France : des statistiques inquiétantes du coronavirus

La situation devient de plus en plus préoccupante en France, concernant la crise sanitaire due au coronavirus. En effet, le nombre de contaminations par jour ne cesse d’augmenter depuis quelques jours. Selon les propos du ministre français de la santé, Olivier Véran, sur le plateau de l’émission « Vous avez la parole », hier jeudi 15 octobre 2020 sur la chaîne de télévision France 2, les indicateurs sont au rouge. En une journée, les statistiques font état de 30 000 nouveaux cas de contamination. A ces derniers s’ajoute une hausse des patients admis en réanimation.

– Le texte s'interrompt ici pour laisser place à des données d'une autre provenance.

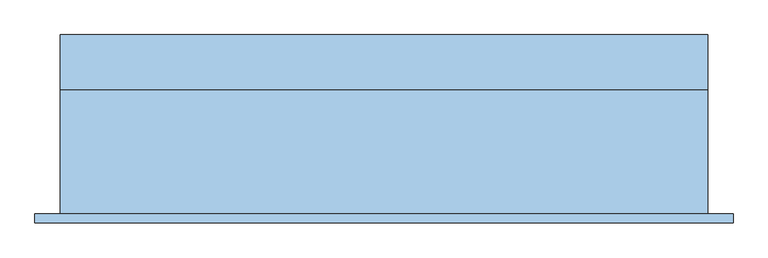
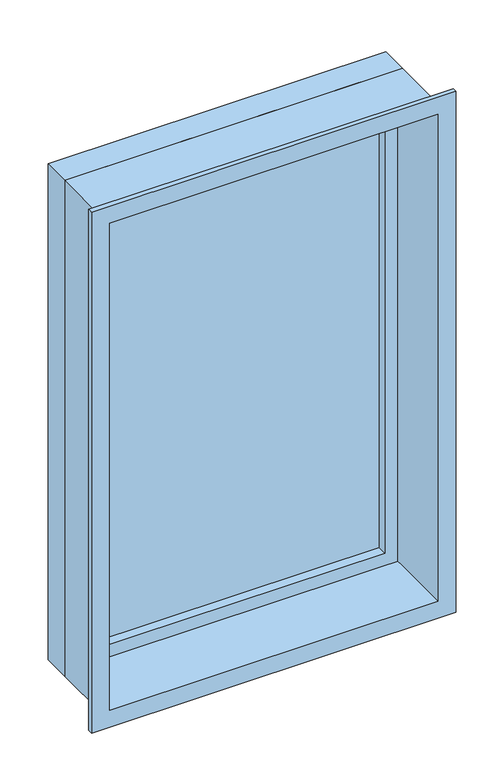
"""IFC4 building model written with IfcOpenShell, lengths in millimetres: window geometry, Vindu FK : 11X17 FK V5/6."""

from ifc_helpers import new_model, si_unit, frame, origin, place, context, project, spatial, polyline, outline, extrude, faceted_brep, source, transform, mapped, element, save


def window_bf6cdb4d(model_context):
    return source(origin(), model_context, "Body", "SolidModel", [
        extrude(outline(polyline([(-506.0, 94.0), (506.0, 94.0), (506.0, 70.0), (-506.0, 70.0), (-506.0, 94.0)])), frame((0.0, 0.0, 929.0), z_axis=(0.0, 0.0, 1.0), x_axis=(1.0, 0.0, 0.0)), (0.0, 0.0, 1.0), 1612.0),
        faceted_brep([(-545.0, 130.0, 890.0), (-545.0, 38.0, 890.0), (-545.0, 38.0, 2580.0), (-545.0, 130.0, 2580.0), (-506.0, 70.0, 929.0), (-506.0, 130.0, 929.0), (-506.0, 130.0, 2541.0), (-506.0, 70.0, 2541.0), (-488.0, 38.0, 947.0), (-488.0, 70.0, 947.0), (-488.0, 70.0, 2523.0), (-488.0, 38.0, 2523.0), (545.0, 38.0, 2580.0), (545.0, 130.0, 2580.0), (506.0, 130.0, 2541.0), (506.0, 70.0, 2541.0), (488.0, 70.0, 2523.0), (488.0, 38.0, 2523.0), (545.0, 38.0, 890.0), (545.0, 130.0, 890.0), (506.0, 130.0, 929.0), (506.0, 70.0, 929.0), (488.0, 70.0, 947.0), (488.0, 38.0, 947.0)], [[[0, 1, 2, 3]], [[4, 5, 6, 7]], [[8, 9, 10, 11]], [[3, 2, 12, 13]], [[7, 6, 14, 15]], [[11, 10, 16, 17]], [[13, 12, 18, 19]], [[15, 14, 20, 21]], [[17, 16, 22, 23]], [[19, 18, 1, 0]], [[3, 13, 19, 0], [5, 20, 14, 6]], [[21, 20, 5, 4]], [[7, 15, 21, 4], [9, 22, 16, 10]], [[23, 22, 9, 8]], [[1, 18, 12, 2], [11, 17, 23, 8]]]),
        faceted_brep([(-545.0, -172.0, 890.0), (-545.0, 38.0, 890.0), (545.0, 38.0, 890.0), (545.0, -172.0, 890.0), (545.0, 38.0, 2580.0), (545.0, -172.0, 2580.0), (-545.0, 38.0, 2580.0), (530.0, 38.0, 2565.0), (-530.0, 38.0, 2565.0), (-530.0, 38.0, 905.0), (530.0, 38.0, 905.0), (588.0, -172.0, 847.0), (-588.0, -172.0, 847.0), (-588.0, -172.0, 2623.0), (588.0, -172.0, 2623.0), (-545.0, -172.0, 2580.0), (-588.0, -187.0, 847.0), (588.0, -187.0, 847.0), (588.0, -187.0, 2623.0), (-588.0, -187.0, 2623.0), (530.0, -187.0, 905.0), (-530.0, -187.0, 905.0), (-530.0, -187.0, 2565.0), (530.0, -187.0, 2565.0)], [[[0, 1, 2, 3]], [[3, 2, 4, 5]], [[2, 1, 6, 4], [7, 8, 9, 10]], [[11, 12, 13, 14], [5, 15, 0, 3]], [[16, 12, 11, 17]], [[17, 11, 14, 18]], [[18, 19, 16, 17], [20, 21, 22, 23]], [[9, 21, 20, 10]], [[10, 20, 23, 7]], [[15, 6, 1, 0]], [[19, 13, 12, 16]], [[8, 22, 21, 9]], [[5, 4, 6, 15]], [[18, 14, 13, 19]], [[7, 23, 22, 8]]]),
    ])


if __name__ == "__main__":
    model = new_model("IFC4")
    model_context = context("Model", 3, world=origin())
    ifc_project = project(units=[si_unit("LENGTHUNIT", "METRE", prefix="MILLI")], contexts=[model_context])
    site = spatial("IfcSite", under=ifc_project)
    building = spatial("IfcBuilding", under=site)
    placement = place(None, origin())
    window_shape = window_bf6cdb4d(model_context)
    element("IfcWindow", 1, ObjectType="Vindu FK : 11X17 FK V5/6", at=placement, inside=building, context=model_context, shape_type="MappedRepresentation", body=[
        mapped(window_shape, transform((0.0, 0.0, 0.0), x_axis=(1.0, 0.0, 0.0), y_axis=(0.0, 1.0, 0.0), z_axis=(0.0, 0.0, 1.0))),
    ])
    save(model, "model.ifc")

226 patients en réanimation le mardi

« Aujourd’hui, jour comme nuit, il y a une personne qui est rentrée à l’hôpital à cause de la maladie à coronavirus chaque minute. Et toutes les six minutes un malade est rentrée en état grave en réanimation » a déclaré Olivier Véran. Les chiffres de Santé Publique France, viennent d’ailleurs illustrer les inquiétudes du ministre. S’agissant des nouvelles admissions dans les services de réanimation, elles sont au nombre de 171 patients le lundi, 226 le mardi, 193 le mercredi et 219 le jeudi. A ce moment précis, les personnes hospitalisées en réanimation sont au nombre de 1741, d’où une augmentation de 77 par rapport à la veille.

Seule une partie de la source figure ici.